Provincial / State sides
- Years: Team / Apps / (Points)
- –: Quebec

International career
- Years: Team / Apps / (Points)
- 2013–: Canada / 51 / (65)
- Correct as of 2025-09-27

National sevens team
- Years: Team /  / Comps
- 2012-2016, 2019-: Canada
- Medal record
Representing Canada
Women's rugby union
World Cup
| Silver medal – second place | 2014 France | Team competition |
| Silver medal – second place | 2025 England | Team competition |
Women's rugby sevens
Olympic Games
| Bronze medal – third place | 2016 Rio de Janeiro | Team competition |
Pan American Games
| Gold medal – first place | 2015 Toronto | Team competition |
World Cup 7s
| Silver medal – second place | 2013 Russia | Team competition |

= Karen Paquin =

Canada international rugby union player

Karen Paquin (born 3 August 1987) is a Canadian rugby union player. Known for her power and speed, she is skilled at both the sevens and 15s version of the game. She has competed in four Rugby World Cups – 2014, 2017, 2021 and 2025.

==Rugby career==

=== Sevens ===
Paquin was a member of Canada's women's sevens team that were runners-up at the 2013 Rugby World Cup Sevens in Russia.

She won a gold medal at the 2015 Pan American Games as a member of the Canadian women's rugby sevens team.

In 2016, Paquin was named to Canada's first ever women's rugby sevens Olympic team. She won a bronze medal at the event.

She returned to the Canadian sevens side at the 2019 Kitakysushu Sevens where they earned a gold medal. In June 2021, Paquin was named to Canada's 2020 Summer Olympics team.

=== XVs ===
Paquin represented at the 2014 Women's Rugby World Cup in France. Her side finished as runners-up after losing to England in the final.

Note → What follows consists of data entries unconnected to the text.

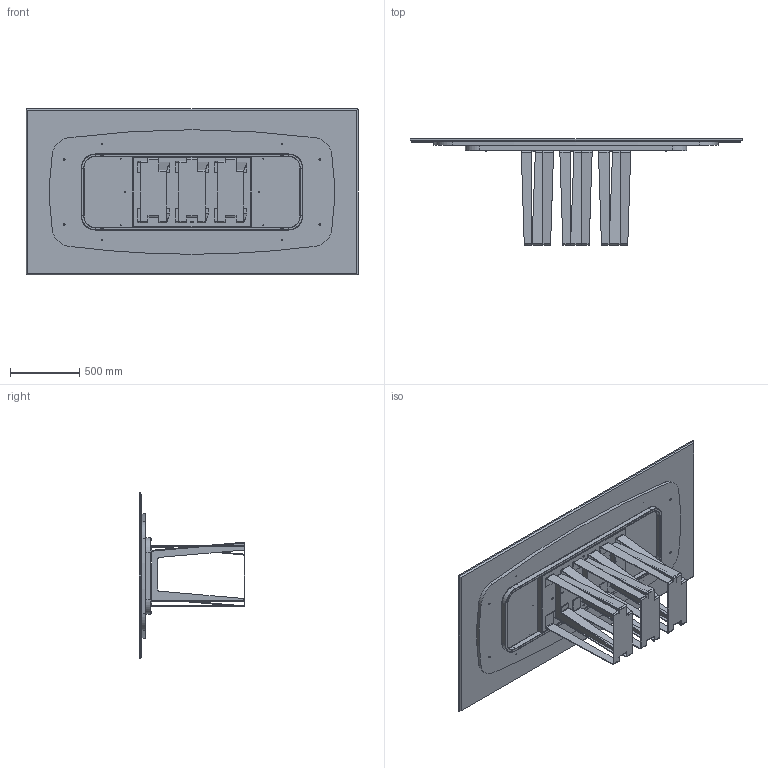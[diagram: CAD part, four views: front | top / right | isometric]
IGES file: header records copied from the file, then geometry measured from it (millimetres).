
Start section: SolidWorks IGES file using analytic representation for surfaces
Global section: file name: Y:\eforma\TECNICO\SOLIDWORKS\E-FORMA\1-TAVOLI\NARCISO\02 parts\NA23M.IGS; native system: SolidWorks 2022; preprocessor: SolidWorks 2022; author: eforma.tech; date: 240807.164120; units: millimetre
Bounding box: 2400 x 765 x 1200 mm (x, y, z)
Volume: 111862305.1 mm3; surface area: 14356656.7 mm2
Topology: 27 solids, 27 shells, 1182 faces, 2904 edges, 1747 vertices
Faces by surface type: plane 587, revolution 559, bspline 36
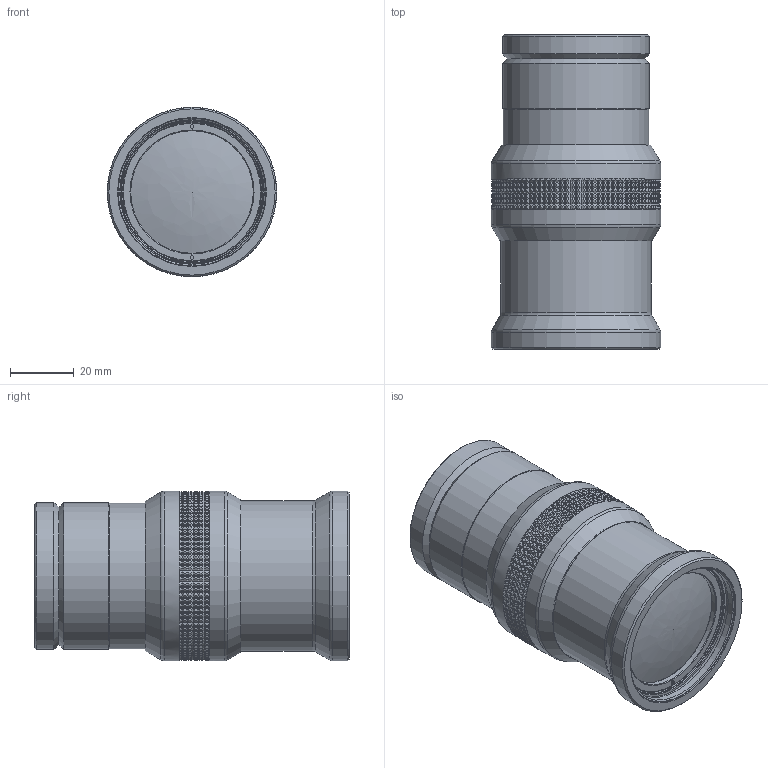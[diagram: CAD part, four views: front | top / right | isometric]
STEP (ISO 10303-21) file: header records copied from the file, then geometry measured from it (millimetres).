
FILE_DESCRIPTION(/* description */ (''),/* implementation_level */ '2;1');
FILE_NAME(/* name */ '0703-102-000-20.stp',/* time_stamp */ '2016-06-20T11:21:46+02:00',/* author */ (''),/* organization */ (''),/* preprocessor_version */ 'ST-DEVELOPER v15',/* originating_system */ 'SIEMENS PLM Software NX 8.5',/* authorisation */ '');
FILE_SCHEMA (('AUTOMOTIVE_DESIGN { 1 0 10303 214 3 1 1 1 }'));
Products named in the file (1): silk1B2C0E3720fd
Bounding box: 53.05 x 98.4 x 53.05 mm (x, y, z)
Volume: 169590.8 mm3; surface area: 22914.8 mm2
Topology: 1 solids, 1 shells, 3059 faces, 7371 edges, 4327 vertices
Faces by surface type: plane 1941, cone 1085, cylinder 27, torus 4, revolution 2
Full cylindrical faces by diameter (mm): 1.2 x2, 1.5 x2, 36 x2, 36.228 x2, 38.4 x1, 40.488 x1, 41.2 x1, 43.488 x1, 44.2 x1, 45.28 x1, 45.6 x1, 46 x2, 46.2 x3, 47 x1, 47.2 x1, 47.4 x1, 53 x3
Entity records: 110993 total; most frequent: CARTESIAN_POINT 27566, ORIENTED_EDGE 14590, DIRECTION 10032, EDGE_CURVE 7295, VERTEX_POINT 4312, B_SPLINE_CURVE_WITH_KNOTS 4230, AXIS2_PLACEMENT_3D 3905, EDGE_LOOP 3131

In 2017, she suffered a knee injury during the Women's Rugby World Cup in Ireland, she underwent surgeries and rehabilition for three years before returning to the pitch.

She made Canada's squad for the delayed 2021 Rugby World Cup in New Zealand.

She was selected in Canada's squad for the 2025 Pacific Four Series. In July, she was named in the Canadian side to the Rugby World Cup in England.

==Personal life==
She studied chemical engineering at Université Laval.

Paquin plays her rugby in Canada with Québec Est and Club de Rugby de Québec(CRQ) and occasionally with local women's teams on Vancouver Island, BC.